Work required: How many lines of the data contain "from"? Reply with the number alone.

*** Opening of Data section ***

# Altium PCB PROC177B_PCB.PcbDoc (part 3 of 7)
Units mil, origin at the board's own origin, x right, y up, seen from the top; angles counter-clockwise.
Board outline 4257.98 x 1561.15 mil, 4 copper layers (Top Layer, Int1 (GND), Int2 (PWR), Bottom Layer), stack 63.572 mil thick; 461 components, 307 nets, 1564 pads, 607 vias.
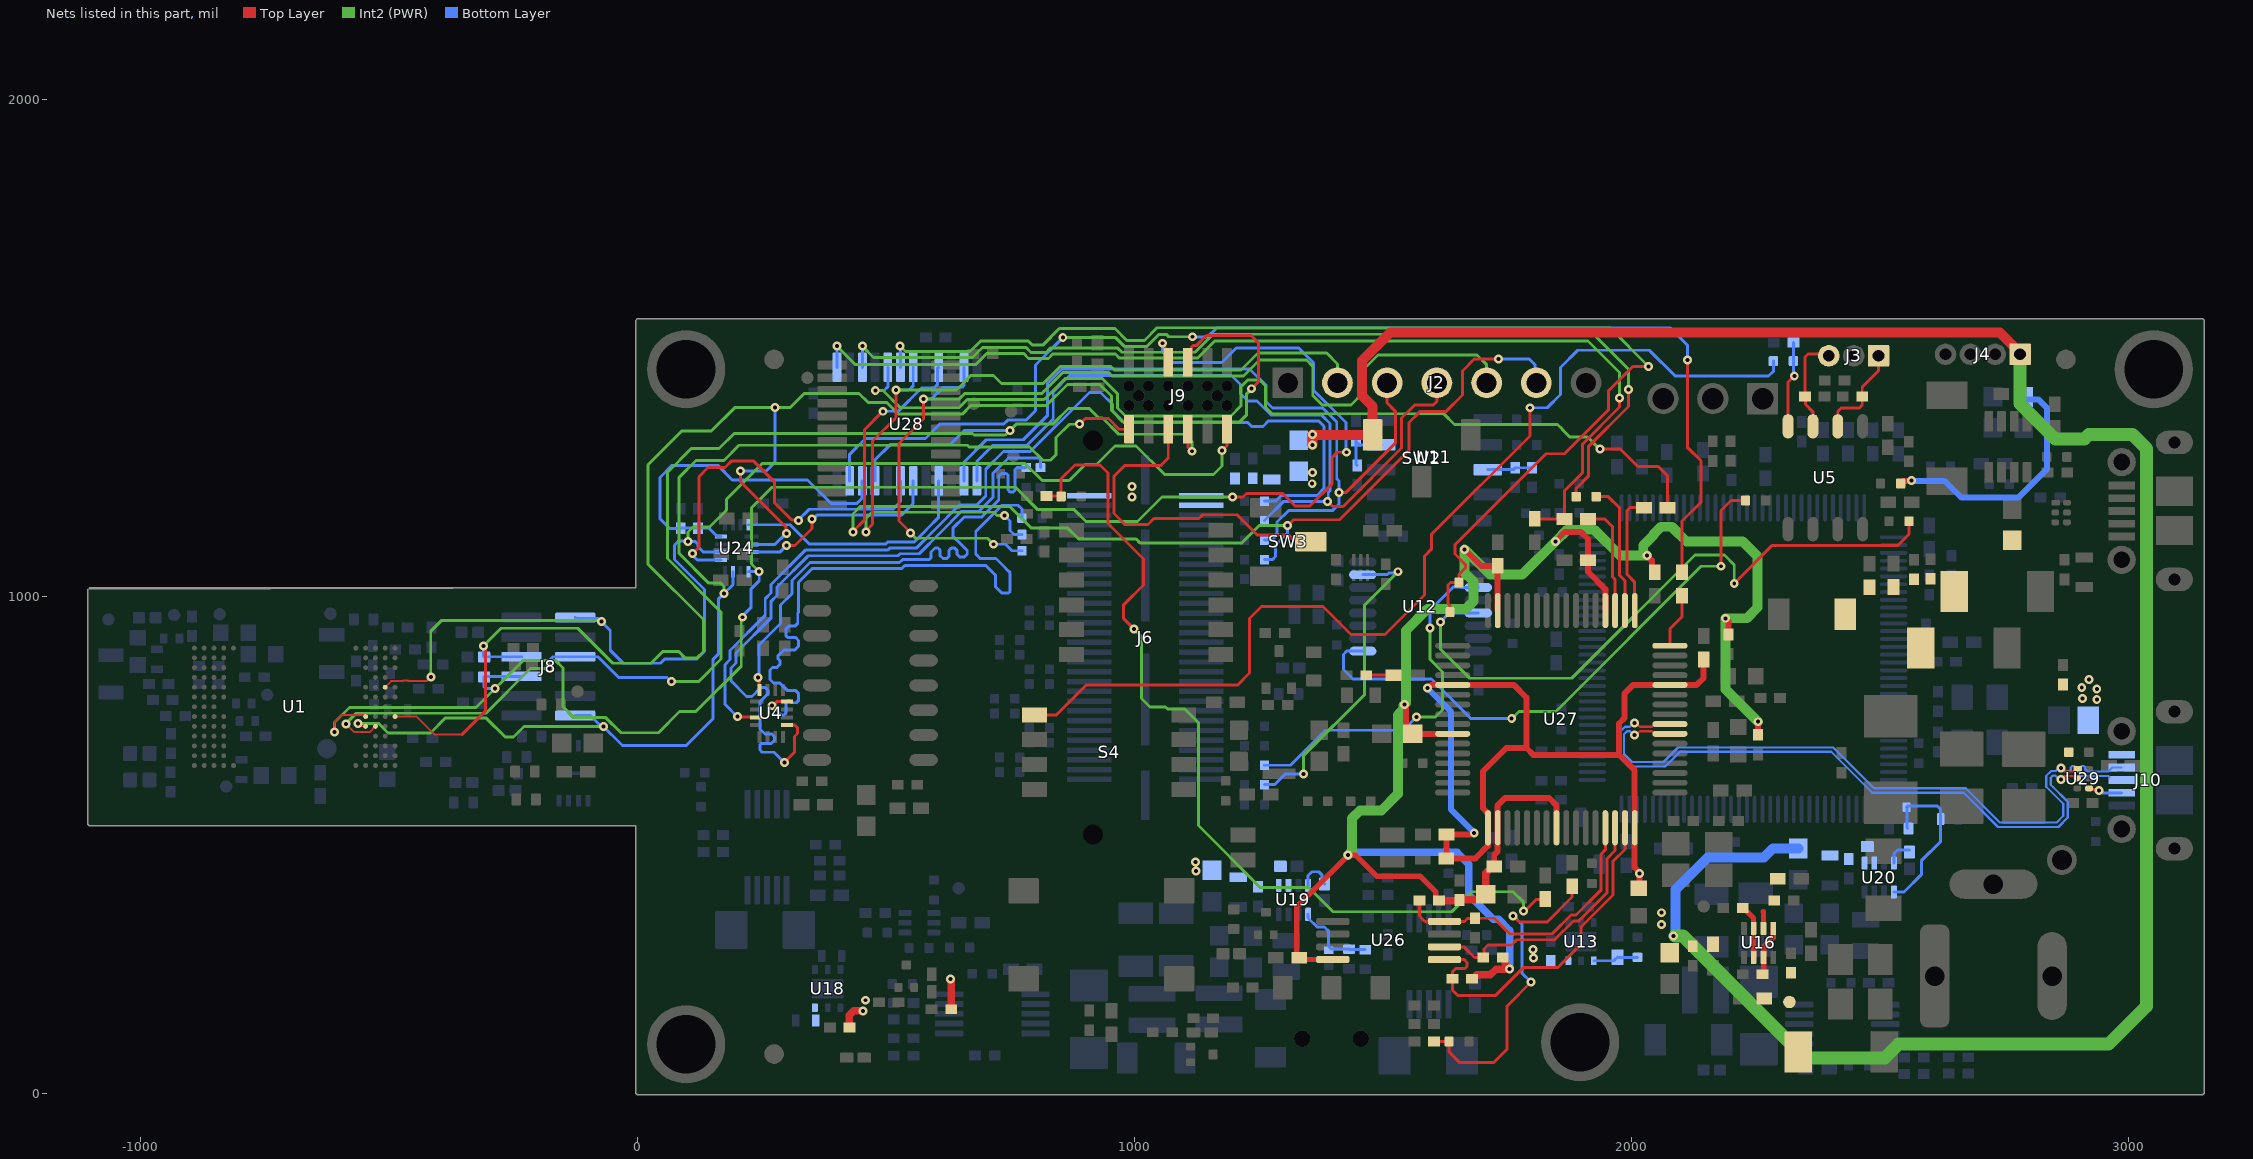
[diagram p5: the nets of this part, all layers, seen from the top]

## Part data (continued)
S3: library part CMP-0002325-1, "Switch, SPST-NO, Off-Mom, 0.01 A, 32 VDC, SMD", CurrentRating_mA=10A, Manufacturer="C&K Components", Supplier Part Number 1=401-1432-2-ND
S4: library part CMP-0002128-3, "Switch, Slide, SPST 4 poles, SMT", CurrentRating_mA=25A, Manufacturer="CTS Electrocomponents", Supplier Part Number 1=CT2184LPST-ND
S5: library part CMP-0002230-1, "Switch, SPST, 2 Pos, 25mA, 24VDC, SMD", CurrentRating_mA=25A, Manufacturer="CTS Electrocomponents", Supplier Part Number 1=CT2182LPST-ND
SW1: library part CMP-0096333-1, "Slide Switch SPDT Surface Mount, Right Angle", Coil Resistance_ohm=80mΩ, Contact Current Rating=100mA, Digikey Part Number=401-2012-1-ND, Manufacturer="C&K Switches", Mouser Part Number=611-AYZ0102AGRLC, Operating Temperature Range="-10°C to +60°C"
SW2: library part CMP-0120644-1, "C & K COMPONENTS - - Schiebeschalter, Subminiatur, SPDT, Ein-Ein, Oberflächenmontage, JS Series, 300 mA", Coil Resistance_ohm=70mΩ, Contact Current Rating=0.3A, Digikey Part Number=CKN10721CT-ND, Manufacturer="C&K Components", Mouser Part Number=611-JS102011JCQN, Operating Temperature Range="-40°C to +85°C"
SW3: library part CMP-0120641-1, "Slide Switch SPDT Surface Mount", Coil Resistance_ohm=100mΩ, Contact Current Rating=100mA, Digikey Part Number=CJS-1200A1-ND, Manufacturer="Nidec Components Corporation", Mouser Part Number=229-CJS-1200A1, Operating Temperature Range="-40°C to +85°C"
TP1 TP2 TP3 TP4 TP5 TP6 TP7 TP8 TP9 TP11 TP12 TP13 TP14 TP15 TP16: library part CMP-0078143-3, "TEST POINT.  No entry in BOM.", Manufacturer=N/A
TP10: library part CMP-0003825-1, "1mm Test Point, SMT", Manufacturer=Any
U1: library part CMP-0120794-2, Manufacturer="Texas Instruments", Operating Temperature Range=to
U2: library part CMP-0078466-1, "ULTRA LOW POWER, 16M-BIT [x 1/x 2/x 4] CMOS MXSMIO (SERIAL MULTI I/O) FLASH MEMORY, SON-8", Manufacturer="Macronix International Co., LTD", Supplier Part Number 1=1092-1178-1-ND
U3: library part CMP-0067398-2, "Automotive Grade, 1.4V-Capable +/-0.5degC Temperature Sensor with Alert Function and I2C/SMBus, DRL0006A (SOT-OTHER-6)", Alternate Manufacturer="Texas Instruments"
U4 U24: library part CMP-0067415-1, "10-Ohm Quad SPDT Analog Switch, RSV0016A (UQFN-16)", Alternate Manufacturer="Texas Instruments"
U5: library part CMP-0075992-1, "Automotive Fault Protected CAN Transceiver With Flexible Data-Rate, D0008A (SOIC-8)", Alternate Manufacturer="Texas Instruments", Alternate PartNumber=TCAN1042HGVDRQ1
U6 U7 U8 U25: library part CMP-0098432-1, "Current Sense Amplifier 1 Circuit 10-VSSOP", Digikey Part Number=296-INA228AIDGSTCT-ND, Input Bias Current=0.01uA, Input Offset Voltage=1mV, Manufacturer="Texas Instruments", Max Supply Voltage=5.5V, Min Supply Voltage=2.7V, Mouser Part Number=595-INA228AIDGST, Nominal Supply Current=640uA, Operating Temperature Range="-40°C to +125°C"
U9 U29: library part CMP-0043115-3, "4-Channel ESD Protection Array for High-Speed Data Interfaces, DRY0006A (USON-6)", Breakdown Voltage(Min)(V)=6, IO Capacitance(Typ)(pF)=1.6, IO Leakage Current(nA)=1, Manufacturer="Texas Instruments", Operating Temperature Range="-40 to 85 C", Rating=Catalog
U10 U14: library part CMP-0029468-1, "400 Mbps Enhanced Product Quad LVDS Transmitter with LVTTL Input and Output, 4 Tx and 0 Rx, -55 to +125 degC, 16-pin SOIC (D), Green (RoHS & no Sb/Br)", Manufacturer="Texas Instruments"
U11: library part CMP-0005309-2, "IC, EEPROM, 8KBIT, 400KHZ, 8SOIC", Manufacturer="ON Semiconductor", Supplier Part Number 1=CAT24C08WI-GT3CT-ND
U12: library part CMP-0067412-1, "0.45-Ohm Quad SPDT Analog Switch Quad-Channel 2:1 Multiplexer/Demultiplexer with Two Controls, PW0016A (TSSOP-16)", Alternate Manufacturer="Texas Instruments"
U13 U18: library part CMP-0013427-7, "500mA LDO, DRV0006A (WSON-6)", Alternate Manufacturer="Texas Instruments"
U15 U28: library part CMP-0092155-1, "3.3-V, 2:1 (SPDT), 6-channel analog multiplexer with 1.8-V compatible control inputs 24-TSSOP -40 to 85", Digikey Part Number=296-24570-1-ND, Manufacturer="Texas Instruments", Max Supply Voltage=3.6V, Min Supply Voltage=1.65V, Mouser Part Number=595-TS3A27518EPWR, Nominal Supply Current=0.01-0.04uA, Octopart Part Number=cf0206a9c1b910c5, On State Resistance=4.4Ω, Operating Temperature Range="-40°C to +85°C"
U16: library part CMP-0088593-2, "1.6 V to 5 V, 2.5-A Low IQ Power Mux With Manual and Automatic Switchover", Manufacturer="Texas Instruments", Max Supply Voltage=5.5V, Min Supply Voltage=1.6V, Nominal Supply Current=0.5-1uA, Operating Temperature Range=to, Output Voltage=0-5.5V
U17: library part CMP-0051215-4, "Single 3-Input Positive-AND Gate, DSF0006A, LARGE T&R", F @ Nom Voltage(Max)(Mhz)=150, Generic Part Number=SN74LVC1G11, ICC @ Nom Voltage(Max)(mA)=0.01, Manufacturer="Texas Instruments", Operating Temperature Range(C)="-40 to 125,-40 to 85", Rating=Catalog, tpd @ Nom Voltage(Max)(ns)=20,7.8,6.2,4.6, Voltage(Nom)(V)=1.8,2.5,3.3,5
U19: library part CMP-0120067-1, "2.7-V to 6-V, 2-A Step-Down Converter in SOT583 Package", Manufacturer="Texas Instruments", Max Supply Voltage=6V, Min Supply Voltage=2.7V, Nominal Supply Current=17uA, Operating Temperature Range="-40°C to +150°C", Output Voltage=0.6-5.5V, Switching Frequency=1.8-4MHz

*** Close of Data section ***

Response to this task: 2